The reason this is a hurdle for a lot of plugged-in guys is because it seems almost juvenile, like a treehouse club for preteen boys. For me to draw comparisons of an acculturated, feminine social paradigm to the central plot of the Matrix movies, admittedly, on the surface that seems kind of silly. It’s an apt comparison and a useful allegory when you understand the concepts behind it, but for a guy just coming to grasp it while being immersed in a feminine-primary socialization for his whole life, it dosen’t click. And predictably, women invested in that same socialization see the terminology as little more than little boys holed up in their treehouse, throwing rocks at the girls below.

However, like any new developing science or art or technology there is always going to be a need to codify abstract concepts. We lack better terms so we’re forced to create new ones to represent new concepts. Feminine ‘solipsism’ is one such concept that needed a term.

Narcissism isn’t accurate enough, and Feminine Sociopathy goes too far, but solipsism works for a more balanced term for the abstract concept.

You may say that having the audacity to create new terms is cultish, but what is a cult?

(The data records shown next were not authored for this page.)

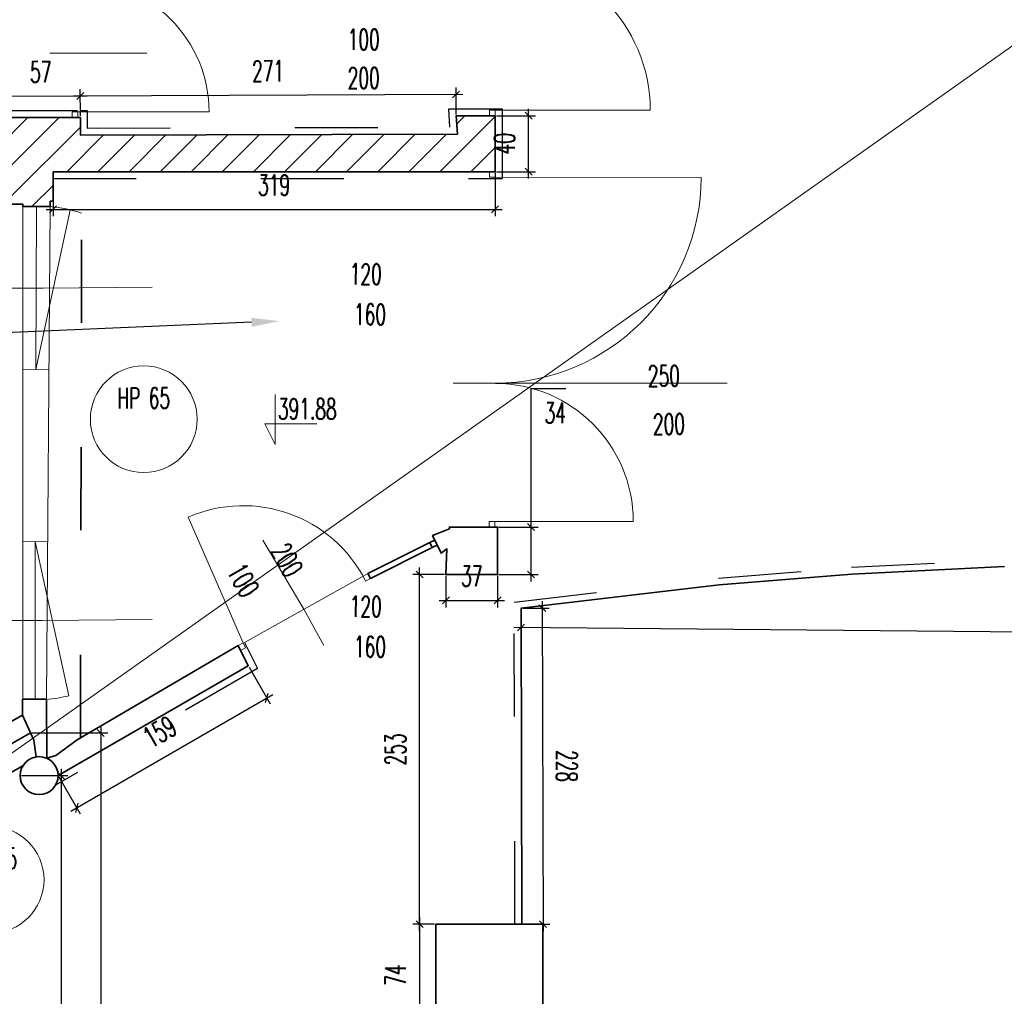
# Model space of a CAD drawing. Header units: millimetres. Extents: x 19887 to 192597, y -14203 to 39042.
# Tile 4 of 256: x 22672 to 23383, y -11133 to -10427. Entities that reach past the tile are written whole.
import ezdxf
from ezdxf import colors
from ezdxf.entities.mleader import LeaderData, LeaderLine
from ezdxf.math import Vec2, Vec3

# ---------------------------------------------------------------- set-up
doc = ezdxf.new("R2010")
doc.units = ezdxf.units.MM
doc.linetypes.add('ACAD_ISO03W100', pattern=[30, 12, -18])
doc.layers.get('Defpoints').update_dxf_attribs({"color": 4})
for name, color, linetype, lineweight in [('Basen_rzut_poziom_1_obrys', 252, 'Continuous', 35), ('Drzwi', 2, 'Continuous', 5), ('koty wysokościowe', 252, 'Continuous', 0), ('Okna', 252, 'Continuous', 5), ('Schody', 252, 'Continuous', 5), ('Tabela', 1, 'Continuous', 0)]:
    doc.layers.add(name, color=color, linetype=linetype, lineweight=lineweight)
for name, color, linetype in [('Sufit podwieszany', 252, 'Continuous'), ('Wymiarowanie', 3, 'Continuous'), ('Wypełnienie', 252, 'Continuous')]:
    doc.layers.add(name, color=color, linetype=linetype)
doc.styles.add('ROMANS', font='romans.shx', dxfattribs={"width": 0.6})
doc.styles.get("Standard").update_dxf_attribs({"font": 'arial.ttf'})
doc.dimstyles.new('000001FB70622F18', dxfattribs={"dimtxt": 20, "dimasz": 5, "dimexe": 5, "dimexo": 1, "dimgap": 20, "dimtad": 1, "dimtoh": 1, "dimdec": 0, "dimtxsty": 'Standard', "dimblk": 'OBLIQUE', "dimcen": 0, "dimdle": 5, "dimclrd": 252, "dimclre": 252, "dimclrt": 252, "dimadec": 0, "dimazin": 0, "dimtfac": 1, "dimtdec": 0, "dimtmove": 0, "dimatfit": 3, "dimldrblk": 'OBLIQUE', "dimfxl": 150, "dimfxlon": 1, "dimlwd": 25, "dimlwe": 25, "dimarcsym": 1})

# ---------------------------------------------------------------- blocks, each defined once
blk = doc.blocks.new('_Oblique')
at = {"color": 0, "linetype": 'ByBlock', "lineweight": -2}
blk.add_line((-0.5, -0.5), (0.5, 0.5), dxfattribs=at)
blk = doc.blocks.new('*D747')
at = {"layer": 'Defpoints', "color": 0}
for p in [(-190.8, -4609.81), (-190.74, -4625.19), (80.74, -4624.05)]:
    blk.add_point(p, dxfattribs=at)
at = {"layer": 'Wymiarowanie', "color": 252, "linetype": 'Continuous', "lineweight": 25}
for p, q in [((85.67, -4608.64), (-195.8, -4609.83)), ((-190.74, -4624.19), (-190.82, -4604.81)), ((80.74, -4623.05), (80.65, -4603.66))]:
    blk.add_line(p, q, dxfattribs=at)
at = {"layer": 'Wymiarowanie', "color": 252, "linetype": 'ByBlock', "lineweight": 25, "xscale": 5, "yscale": 5, "zscale": 5}
for p, rotation in [((-190.8, -4609.81), 180.2415269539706), ((80.67, -4608.66), 0.2415269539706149)]:
    blk.add_blockref('_Oblique', p, dxfattribs=dict(at, rotation=rotation))
at = {"layer": 'Wymiarowanie', "color": 252, "insert": (-55.14, -4591.73), "char_height": 15, "attachment_point": 5, "rotation": 0.24153, "style": 'ROMANS'}
blk.add_mtext('271', dxfattribs=at)
blk = doc.blocks.new('*D748')
at = {"layer": 'Defpoints', "color": 0}
for p in [(-247.81, -4610.05), (-247.75, -4625.19), (-190.74, -4625.19)]:
    blk.add_point(p, dxfattribs=at)
at = {"layer": 'Wymiarowanie', "color": 252, "linetype": 'Continuous', "lineweight": 25}
for p, q in [((-247.75, -4624.19), (-247.83, -4605.05)), ((-190.74, -4624.19), (-190.82, -4604.81)), ((-185.8, -4609.79), (-252.81, -4610.07))]:
    blk.add_line(p, q, dxfattribs=at)
at = {"layer": 'Wymiarowanie', "color": 252, "linetype": 'ByBlock', "lineweight": 25, "xscale": 5, "yscale": 5, "zscale": 5}
for p, rotation in [((-247.81, -4610.05), 180.2415269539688), ((-190.8, -4609.81), 0.2415269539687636)]:
    blk.add_blockref('_Oblique', p, dxfattribs=dict(at, rotation=rotation))
at = {"layer": 'Wymiarowanie', "color": 252, "insert": (-219.38, -4592.43), "char_height": 15, "attachment_point": 5, "rotation": 0.24153, "style": 'ROMANS'}
blk.add_mtext('57', dxfattribs=at)
blk = doc.blocks.new('*D922')
at = {"layer": 'Defpoints', "color": 0}
for p in [(127.63, -4979.87), (1257.69, -4990.1), (127.51, -4993.84)]:
    blk.add_point(p, dxfattribs=at)
at = {"layer": 'Wymiarowanie', "color": 252, "linetype": 'Continuous', "lineweight": 25}
for p, q in [((127.62, -4980.87), (127.46, -4998.84)), ((1257.68, -4991.1), (1257.51, -5009.07)), ((1262.56, -5004.11), (122.51, -4993.79))]:
    blk.add_line(p, q, dxfattribs=at)
at = {"layer": 'Wymiarowanie', "color": 252, "linetype": 'ByBlock', "lineweight": 25, "xscale": 5, "yscale": 5, "zscale": 5}
for p, rotation in [((127.51, -4993.84), 179.4812444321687), ((1257.56, -5004.07), 359.4812444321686)]:
    blk.add_blockref('_Oblique', p, dxfattribs=dict(at, rotation=rotation))
at = {"layer": 'Wymiarowanie', "color": 252, "insert": (692.69, -4981.45), "char_height": 15, "attachment_point": 5, "rotation": 359.48124, "style": 'ROMANS'}
blk.add_mtext('1130', dxfattribs=at)
blk = doc.blocks.new('*D921')
at = {"layer": 'Defpoints', "color": 0}
for p in [(127.63, -4979.87), (128.15, -5208.21), (143.45, -5208.18)]:
    blk.add_point(p, dxfattribs=at)
at = {"layer": 'Wymiarowanie', "color": 252, "linetype": 'Continuous', "lineweight": 25}
for p, q in [((142.93, -4974.83), (143.46, -5213.18)), ((128.63, -4979.87), (147.94, -4979.82)), ((129.15, -5208.21), (148.45, -5208.16))]:
    blk.add_line(p, q, dxfattribs=at)
at = {"layer": 'Wymiarowanie', "color": 252, "linetype": 'ByBlock', "lineweight": 25, "xscale": 5, "yscale": 5, "zscale": 5}
for p, rotation in [((142.94, -4979.83), 90.12913393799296), ((143.45, -5208.18), 270.1291339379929)]:
    blk.add_blockref('_Oblique', p, dxfattribs=dict(at, rotation=rotation))
at = {"layer": 'Wymiarowanie', "color": 252, "insert": (160.7, -5093.97), "char_height": 15, "attachment_point": 5, "rotation": 270.12913, "style": 'ROMANS'}
blk.add_mtext('228', dxfattribs=at)
blk = doc.blocks.new('*D918')
at = {"layer": 'Defpoints', "color": 0}
for p in [(65.99, -5208.21), (54.33, -5281.76), (65.99, -5281.76)]:
    blk.add_point(p, dxfattribs=at)
at = {"layer": 'Wymiarowanie', "color": 252, "linetype": 'Continuous', "lineweight": 25}
for p, q in [((54.33, -5203.21), (54.33, -5286.76)), ((64.99, -5208.21), (49.33, -5208.21)), ((64.99, -5281.76), (49.33, -5281.76))]:
    blk.add_line(p, q, dxfattribs=at)
at = {"layer": 'Wymiarowanie', "color": 252, "linetype": 'ByBlock', "lineweight": 25, "xscale": 5, "yscale": 5, "zscale": 5}
for p, rotation in [((54.33, -5208.21), 90), ((54.33, -5281.76), 270)]:
    blk.add_blockref('_Oblique', p, dxfattribs=dict(at, rotation=rotation))
at = {"layer": 'Wymiarowanie', "color": 252, "insert": (36.83, -5244.99), "char_height": 15, "attachment_point": 5, "rotation": 90, "style": 'ROMANS'}
blk.add_mtext('74', dxfattribs=at)
blk = doc.blocks.new('*D936')
at = {"layer": 'Defpoints', "color": 0}
for p in [(-210.46, -4664.44), (108.86, -4664.44), (108.86, -4691.71)]:
    blk.add_point(p, dxfattribs=at)
at = {"layer": 'Wymiarowanie', "color": 252, "linetype": 'Continuous', "lineweight": 25}
for p, q in [((-210.46, -4665.44), (-210.46, -4696.71)), ((108.86, -4665.44), (108.86, -4696.71)), ((-215.46, -4691.71), (113.86, -4691.71))]:
    blk.add_line(p, q, dxfattribs=at)
at = {"layer": 'Wymiarowanie', "color": 252, "linetype": 'ByBlock', "lineweight": 25, "xscale": 5, "yscale": 5, "zscale": 5, "rotation": 180}
blk.add_blockref('_Oblique', (-210.46, -4691.71), dxfattribs=at)
at = {"layer": 'Wymiarowanie', "color": 252, "linetype": 'ByBlock', "lineweight": 25, "xscale": 5, "yscale": 5, "zscale": 5}
blk.add_blockref('_Oblique', (108.86, -4691.71), dxfattribs=at)
at = {"layer": 'Wymiarowanie', "color": 252, "insert": (-50.8, -4674.21), "char_height": 15, "attachment_point": 5, "style": 'ROMANS'}
blk.add_mtext('319', dxfattribs=at)
blk = doc.blocks.new('*D938')
at = {"layer": 'Defpoints', "color": 0}
for p in [(108.86, -4624.05), (133.09, -4624.05), (108.86, -4664.44)]:
    blk.add_point(p, dxfattribs=at)
at = {"layer": 'Wymiarowanie', "color": 252, "linetype": 'Continuous', "lineweight": 25}
for p, q in [((133.09, -4669.44), (133.09, -4619.05)), ((109.86, -4624.05), (138.09, -4624.05)), ((109.86, -4664.44), (138.09, -4664.44))]:
    blk.add_line(p, q, dxfattribs=at)
at = {"layer": 'Wymiarowanie', "color": 252, "linetype": 'ByBlock', "lineweight": 25, "xscale": 5, "yscale": 5, "zscale": 5}
for p, rotation in [((133.09, -4624.05), 90.00000000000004), ((133.09, -4664.44), 270.0000000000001)]:
    blk.add_blockref('_Oblique', p, dxfattribs=dict(at, rotation=rotation))
at = {"layer": 'Wymiarowanie', "color": 252, "insert": (115.59, -4644.24), "char_height": 15, "attachment_point": 5, "rotation": 90, "style": 'ROMANS'}
blk.add_mtext('40', dxfattribs=at)
blk = doc.blocks.new('*D948')
at = {"layer": 'Defpoints', "color": 0}
for p in [(-226.68, -5070.01), (-211.33, -6055.06), (-176, -6055.06)]:
    blk.add_point(p, dxfattribs=at)
at = {"layer": 'Wymiarowanie', "color": 252, "linetype": 'Continuous', "lineweight": 25}
for p, q in [((-225.68, -5070.01), (-171, -5070.01)), ((-176, -5065.01), (-176, -6060.06)), ((-210.33, -6055.06), (-171, -6055.06))]:
    blk.add_line(p, q, dxfattribs=at)
at = {"layer": 'Wymiarowanie', "color": 252, "linetype": 'ByBlock', "lineweight": 25, "xscale": 5, "yscale": 5, "zscale": 5}
for p, rotation in [((-176, -5070.01), 90.00000000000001), ((-176, -6055.06), 270)]:
    blk.add_blockref('_Oblique', p, dxfattribs=dict(at, rotation=rotation))
at = {"layer": 'Wymiarowanie', "color": 252, "insert": (-158.5, -5562.53), "char_height": 15, "attachment_point": 5, "rotation": 270, "style": 'ROMANS'}
blk.add_mtext('985', dxfattribs=at)
blk = doc.blocks.new('*D950')
at = {"layer": 'Defpoints', "color": 0}
for p in [(-234.26, -5100.89), (-212.26, -6002.64), (-204.69, -6002.64)]:
    blk.add_point(p, dxfattribs=at)
at = {"layer": 'Wymiarowanie', "color": 252, "linetype": 'Continuous', "lineweight": 25}
for p, q in [((-204.69, -5095.89), (-204.69, -6007.64)), ((-233.26, -5100.89), (-199.69, -5100.89)), ((-211.26, -6002.64), (-199.69, -6002.64))]:
    blk.add_line(p, q, dxfattribs=at)
at = {"layer": 'Wymiarowanie', "color": 252, "linetype": 'ByBlock', "lineweight": 25, "xscale": 5, "yscale": 5, "zscale": 5}
for p, rotation in [((-204.69, -5100.89), 90.00000000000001), ((-204.69, -6002.64), 270)]:
    blk.add_blockref('_Oblique', p, dxfattribs=dict(at, rotation=rotation))
at = {"layer": 'Wymiarowanie', "color": 252, "insert": (-187.19, -5551.76), "char_height": 15, "attachment_point": 5, "rotation": 270, "style": 'ROMANS'}
blk.add_mtext('902', dxfattribs=at)
blk = doc.blocks.new('*D953')
at = {"layer": 'Defpoints', "color": 0}
for p in [(54.33, -4955.54), (73.39, -4955.54), (65.99, -5208.21)]:
    blk.add_point(p, dxfattribs=at)
at = {"layer": 'Wymiarowanie', "color": 252, "linetype": 'Continuous', "lineweight": 25}
for p, q in [((72.39, -4955.54), (49.33, -4955.54)), ((54.33, -5213.21), (54.33, -4950.54)), ((64.99, -5208.21), (49.33, -5208.21))]:
    blk.add_line(p, q, dxfattribs=at)
at = {"layer": 'Wymiarowanie', "color": 252, "linetype": 'ByBlock', "lineweight": 25, "xscale": 5, "yscale": 5, "zscale": 5}
for p, rotation in [((54.33, -4955.54), 90.00000000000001), ((54.33, -5208.21), 270)]:
    blk.add_blockref('_Oblique', p, dxfattribs=dict(at, rotation=rotation))
at = {"layer": 'Wymiarowanie', "color": 252, "insert": (36.83, -5081.88), "char_height": 15, "attachment_point": 5, "rotation": 90, "style": 'ROMANS'}
blk.add_mtext('253', dxfattribs=at)
blk = doc.blocks.new('*D949')
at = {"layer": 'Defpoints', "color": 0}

At its core human society is really a set of progressively more complex ‘cults’. Your family, your social circle, your corporate cult ure, your religion, your government, your nationality, are all ‘cults’ to varying degrees each with their own unique languages, inside jokes, vernacular, accents, and yes, created terminologies to be conveniently used to represent various ideas.

165. mojohn says:

September 20, 2012 at 9:27 am

Lawyers (like me) are often accused of using a $5 word when a $0.25 word would work just as well (and be better understood). Perhaps the manosphere is guilty of the same thing with regard to solipsism. I agree with I Art Laughing (who wrote: How about selfish? Is that a word we can all get behind?) that selfishness adequately describes the abhorrent female behavior under discussion. So, why use a highfalutin word like solipsism?

166. Lad says:

September 20, 2012 at 9:43 am

@Rollo

Great point about the need for efficient terms. It almost inspired me to start my own site a few months back.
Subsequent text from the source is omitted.